Б.Б. умел написать стихотворение, но понимал, что Квашнин умеет лучше. Как любой, кто нюхнул поэзии, но не был поэтом, Б.Б. не знал, что она такое, но знал, что — не она. На ум приходили критики начала века, указывавшие поэтам, что такой напиток, как снежное вино — нонсенс и что влюбляться в холодный мех — противоестественно. В Ленинграде широковещательно — а по интеллигентским арыкам и в Москве — Квашнина всерьез ставили рядом с Бродским; дескать, что тот там, то этот здесь. У него были ученики, последователи, его кредо формулировали литературоведы, писали об особенностях его стиля. А если дурака не валять, то ученики, последователи, литературоведы и подавляющее большинство его читателей всеми силами души хотели бы, чтобы поэзия была именно такая, чтобы это и была поэзия. Вместе с Квашниным они опровергали частные случаи конечного и возможного: строчки, жесты, поступки, мысли, не посягая на бесконечное и невозможное — просто не имея о нем представления. «Знали б вы, в какие бездны я глядел, в какие беды» — писал Квашнин, и этого откровения, и этого знания про бездны и беды было в самый раз, а то, что никаких конкретных бездн и бед не предъявлялось, вызывало только благодарность к поэту.
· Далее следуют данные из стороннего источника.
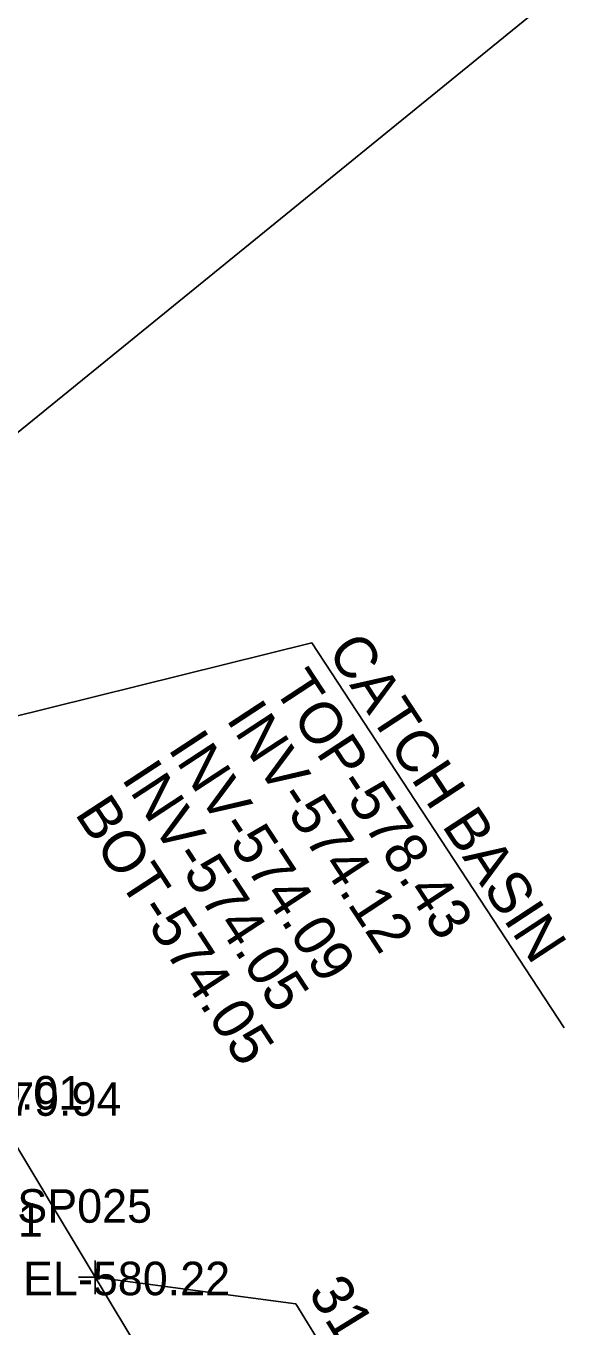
# Model space of a CAD drawing. Extents: x 1729869 to 1735532, y 648588 to 653771.
# Drawn here: x 1731627.9 to 1731692.1, y 651592.9 to 651748 of the extents above; entities that cross this region are included whole.
import ezdxf

# ---------------------------------------------------------------- set-up
doc = ezdxf.new("R2010")
doc.units = 0
for name, color, linetype in [('SURVEY - DRAINAGE - Area Shapes Text', 7, 'Continuous'), ('SURVEY - DRAINAGE - Storm Sewer Text', 7, 'Continuous'), ('SURVEY - DTM - Breaklines - Points - Elevations', 7, 'Continuous'), ('SURVEY - DTM - Breaklines - Points - Numbers', 7, 'Continuous'), ('SURVEY - MISCELLANEOUS - Bottom of MH and CB', 7, 'Continuous'), ('SURVEY - PROPERTY - ROW Lines', 7, 'Continuous'), ('SURVEY - PROPERTY - ROW Lines - Points - Locators', 7, 'Continuous'), ('SURVEY - PROPERTY - ROW Lines - Points - Numbers', 7, 'Continuous'), ('SURVEY - PROPERTY - Station and Offset Flags', 7, 'Continuous')]:
    doc.layers.add(name, color=color, linetype=linetype)

msp = doc.modelspace()

# ---------------------------------------------------------------- linework, layer by layer
at = {"layer": 'SURVEY - DRAINAGE - Area Shapes Text'}
msp.add_line((1731775.19, 651820.24), (1731567.09, 651650.92), dxfattribs=at)
at = {"layer": 'SURVEY - DRAINAGE - Storm Sewer Text'}
msp.add_lwpolyline([(1731692.02, 651628.54), (1731661.95, 651674.44), (1731578.94, 651653.84)], dxfattribs=at)
at = {"layer": 'SURVEY - PROPERTY - ROW Lines'}
for p, q in [((1731552.86, 651737.44), (1731636.11, 651598.79)), ((1731636.11, 651598.79), (1731760.63, 651392.64))]:
    msp.add_line(p, q, dxfattribs=at)
at = {"layer": 'SURVEY - PROPERTY - ROW Lines - Points - Locators'}
for p, q in [((1731636.11, 651600.79), (1731636.11, 651596.79)), ((1731638.11, 651598.79), (1731634.11, 651598.79))]:
    msp.add_line(p, q, dxfattribs=at)
at = {"layer": 'SURVEY - PROPERTY - Station and Offset Flags'}
msp.add_line((1731679.94, 651563.38), (1731660.03, 651595.62), dxfattribs=at)
msp.add_lwpolyline([(1731660.03, 651595.62), (1731636.11, 651598.79)], dxfattribs=at)

# ---------------------------------------------------------------- texts
at = {"layer": 'SURVEY - DRAINAGE - Storm Sewer Text'}
for s, p in [('CATCH BASIN', (1731663.7, 651673.47)), ('TOP-578.43', (1731657.27, 651669.11)), ('INV-574.12', (1731651.63, 651665.36)), ('INV-574.09', (1731644.7, 651661.83)), ('INV-574.05', (1731639.16, 651658.27))]:
    msp.add_text(s, height=5, rotation=303.2644, dxfattribs=at).set_placement(p)
at = {"layer": 'SURVEY - DTM - Breaklines - Points - Elevations'}
for s, p in [('EL-580.01', (1731610, 651618.79)), ('EL-579.94', (1731614.56, 651618.04)), ('EL-580.22', (1731627.51, 651596.64))]:
    msp.add_text(s, height=4, dxfattribs=at).set_placement(p)
at = {"layer": 'SURVEY - DTM - Breaklines - Points - Numbers'}
msp.add_text('S15031', height=4, dxfattribs=at).set_placement((1731611.42, 651603.64))
at = {"layer": 'SURVEY - MISCELLANEOUS - Bottom of MH and CB'}
msp.add_text('BOT-574.05', height=5, rotation=303.2207, dxfattribs=at).set_placement((1731633.6, 651654.08))
at = {"layer": 'SURVEY - PROPERTY - ROW Lines - Points - Numbers'}
msp.add_text('SP025', height=4, dxfattribs=at).set_placement((1731626.83, 651605.29))
at = {"layer": 'SURVEY - PROPERTY - Station and Offset Flags'}
msp.add_text('31+90.39', height=5, rotation=301.7006, dxfattribs=at).set_placement((1731661.4, 651596.98))

doc.saveas('drawing.dxf')

Конфликты и судороги надоели, кровь и грязь, никуда не денешься, были, то есть даже есть, но в искусстве они должны стать знаками, эстетическими знаками. Ни в одном общественном туалете ни одна чистота не удовлетворяла Квашнина, и в «Звезде» Б. Б. поймал брезгливую, недовольную гримасу на его лице в тот миг, когда он локтем закрывал белоснежную дверь журнальной уборной. В общем-то, Б.Б. было плевать, как и что Миша Квашнин пишет и какое место в системе пишущих занимает, но что-то если не пело, то по крайней мере попискивало у Б.Б. внутри, что-то с той давней поры, когда он мальчиком подставлял ухо под стихи молодых старших, которые не обращали на него внимания, ни разу не спросили, сочиняет ли он сам, больше-меньше унижали, но достоверностью и свежестью звука формировали ему слуховой аппарат, раз навсегда настроив на поэзию эту звенящую в нем струнку. Квашнин прочитал:
Жена, нося тугие кителя,
ремни и гетры, прибавляет в шарме,
и даже плащ «шанель» ее — а-ля
шинель. Как будто я живу в казарме.
Б.Б. подумал, что бы сделал с этим Катулл, или Бертран де Борн, или Донн, или, в конце концов, Куз-мин, каким пропиталось бы это дурманным настоем мускуса, пота, сбруи, страсти, крепких мужских тел. Поэзия — щедрость и дикость, — чья это строчка? Тарковского? Позднего Заболоцкого? «Ни тени бесконечного, ни намека па невозможное, — точками и тире выписывал независимую от сознания телеграфную ленту писк из-под ребер. — Щедрости — на копейку. Дикости — какая еще дикость? — дикости ноль. Все дрессированное. Вы тут опупели! Вам неправильно сказали, что такое поэзия!» И вдруг Б.Б. дернулся, как во сне, не поняв, думал он все это — или произнес вслух.
* * *
Так что не заладилось у Б.Б. с новой реальностью как сказал после его ухода Квашнин жене, а жена, главный редактор нового журнала «Петербуржанка», назавтра двум своим заместительницам. Словно вирус забрался, он не заметил когда, в сознание, мозг докладывал: занятия, дела, карьера, мысли, соображения — отнюдь не кончены, развиваются, множатся, но жизнь — кончена. Наверное, это и имел он в виду, когда звонил мне по телефону после освобождения, чтобы сказать, что «почти всё позади, хотя почти всё еще впереди». Сорок четыре года, или сколько уже ему там было, сорок пять? — не возраст, да, да, да — для дел, для планов, для положения в жизни. Но жить — не начинать, не проектировать и получать результат, не готовить жизнь, а просто жить вперед, ну потому что живешь, как жил в двадцать, тридцать и даже в сорок накануне посадки, когда и начинал, и проектировал, и готовил с естественностью человека, который как сейчас, например, Миша Квашнин живет и живет, сорок пять лет живет и, значит, будет дальше жить, — поздновато. Вирус неболезненный, но никаким способом, никакими доводами, насмешкой и забытьем не изгоняемый.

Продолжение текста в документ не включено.